First, instruction should foreground the importance of clear and consistent variable definitions, ensuring that students practice stabilizing the meaning of variables across verbal, algebraic, and contextual representations. This includes making domains explicit and treating them as integral to problem formulation rather than as afterthoughts.

Second, educators should also emphasize the iterative nature of the Mathematical Modeling Cycle. Students require structured opportunities to practice all stages of the MMC, particularly the initial understanding and simplifying efforts and the crucial final interpreting and validating stages. This aligns with the MMC structure proposed by Blum and Leiss (2007), emphasizing the need for critical reflection on whether mathematical results are reasonable, feasible, and economically sound within the real-world context.

Third, instructional strategies should address representational coordination directly. For instance, when students struggle with graphical constraints, interventions should focus on the specific cognitive act of connecting the abstract graph to its real-world domain and limitations. Similarly, to overcome challenges with the economic context, instruction should explicitly link mathematical functions to their practical economic meanings and implications.

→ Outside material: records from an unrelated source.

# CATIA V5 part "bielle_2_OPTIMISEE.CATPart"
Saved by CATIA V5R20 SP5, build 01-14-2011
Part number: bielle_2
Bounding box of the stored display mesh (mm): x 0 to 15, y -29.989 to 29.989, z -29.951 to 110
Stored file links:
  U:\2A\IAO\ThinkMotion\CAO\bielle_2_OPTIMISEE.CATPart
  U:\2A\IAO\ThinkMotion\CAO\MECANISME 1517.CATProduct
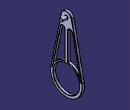
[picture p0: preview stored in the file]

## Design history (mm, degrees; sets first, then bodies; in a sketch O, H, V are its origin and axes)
Set1
  Plane1 "Plan_ref": linked copy from another document
  Point1: linked copy from another document
  Point2: linked copy from another document
Set2
  Plane2: type Offset, RefPlane yz-plane, Offset 2.5
Body1 (main body)
  Sketch1 on Plane1, origin (0, 0, 0), H (0, 1, 0), V (0, 0, 1)
    circle A1 centre (0, 0) radius 25
    point P1 (0, 0)
    reference projected point E1 (0, 0) from Point1
    arc A2 centre (0, 100) radius 10 from (-9.798, 102) to (9.798, 102) cw
    point P6 (0, 100)
    reference projected point E2 (0, 100) from Point2
    arc A3 centre (0, 0) radius 30 from (-29.3939, 6) to (29.3939, 6) ccw
    point P7 (0, 0)
    reference projected point E3 (0, 0) from Point1
    line L1 (29.3939, 6) -> (9.798, 102)
    line L2 (-29.3939, 6) -> (-9.798, 102)
    radius A1 = 25
    distance A3 A1 = 5
    radius A2 = 10
    coincidence: P1 V, P1 E1, P6 E2, P7 E3
    tangency: L1 A3, A2 L1, A2 L2, L2 A3
  Pad1: profile Sketch1, direction (1, 0, 0), length 5
  Sketch2 on Plane1, origin (0, 0, 0), H (0, 1, 0), V (0, 0, 1)
    circle A1 centre (0, 100) radius 3
    point P1 (0, 100)
    reference projected point E1 (0, 100) from Point2
    radius A1 = 3
    coincidence: P1 V, P1 E1
  Pad2: profile Sketch2, direction (1, 0, 0), length 15
  Sketch3 on end face of Pad1, origin (5, 0, 0), H (0, 1, 0), V (0, 0, 1)
    construction line L1 through (0, 25.8423) direction (0, 1)
    line L2 (-3, 80) -> (-3, 27.8388)
    line L3 (3, 80) -> (3, 27.8388)
    line L4 (-11.0606, 80.8143) -> (-24.9712, 12.6664)
    line L5 (11.0606, 80.8143) -> (24.9712, 12.6664)
    arc A1 centre (7.0714, 80) radius 4.0714 from (3, 80) to (11.0606, 80.8143) cw
    point P1 (11.0606, 80.8143)
    point P2 (11.0606, 80.8143)
    arc A2 centre (-7.0714, 80) radius 4.0714 from (-3, 80) to (-11.0606, 80.8143) ccw
    point P3 (3, 27.8388)
    point P4 (0, 0)
    point P5 (0, 0)
    point P6 (3, 27.8388)
    arc A3 centre (0, 0) radius 28 from (24.9712, 12.6664) to (3, 27.8388) ccw
    construction line L6 through (-14.5518, 0) direction (1, 0)
    construction line L7 (23.3008, 0) -> (-47.7625, 0)
    point P7 (7.0714, 80)
    axis line L8 (82.1694, 80) -> (-31.6946, 80)
    point P8 (-7.0714, 80)
    point P15 (0, 0)
    arc A4 centre (0, 0) radius 28 from (-3, 27.8388) to (-24.9712, 12.6664) ccw
    reference projected line E1 (29.3939, 6) -> (9.798, 102) from edge [face of Pad1 from Sketch1.L1 | end face of Pad1]
    reference projected circle E2 centre (0, 0) radius 25 from edge [end face of Pad1 | face of Pad1 from Sketch1.A1]
    reference projected line E3 (-9.798, 102) -> (-29.3939, 6) from edge [face of Pad1 from Sketch1.L2 | end face of Pad1]
    reference projected line E4 (-9.798, 102) -> (-29.3939, 6) from edge [face of Pad1 from Sketch1.L2 | end face of Pad1]
    distance L3 L1 = 3
    distance L8 L7 = 80
    distance L2 L3 = 6
    distance L5 E1 = 3
    distance A3 E2 = 3
    distance L4 E4 = 3
    vertical: L2 L1, L3 L1
    tangency: A1 L3, A1 L5, A2 L4, A2 L2
    coincidence: P2 P1, P3 L3, P5 P4, P3 P6, L7 L6, L8 P7, P8 L8, L7 H, A4 A3, L1 V, P15 O
    parallelism: E3 L4
  Pocket1: profile Sketch3, direction (-1, 0, 0), through (limit type 3)
  Fillet1: radius 0.5, on end face of Pad1; face of Pad2; face of Pad2 from Sketch2.A1

By differentiating between general learning challenges and specific cognitive obstacles, educators can move from merely observing what students cannot do to understanding why they cannot do it, leading to more effective and impactful teaching. This precise diagnostic approach, informed by Duval’s theory, will likely improve students’ comprehension and problem-solving skills in applied calculus contexts, better preparing them for professional engineering practice.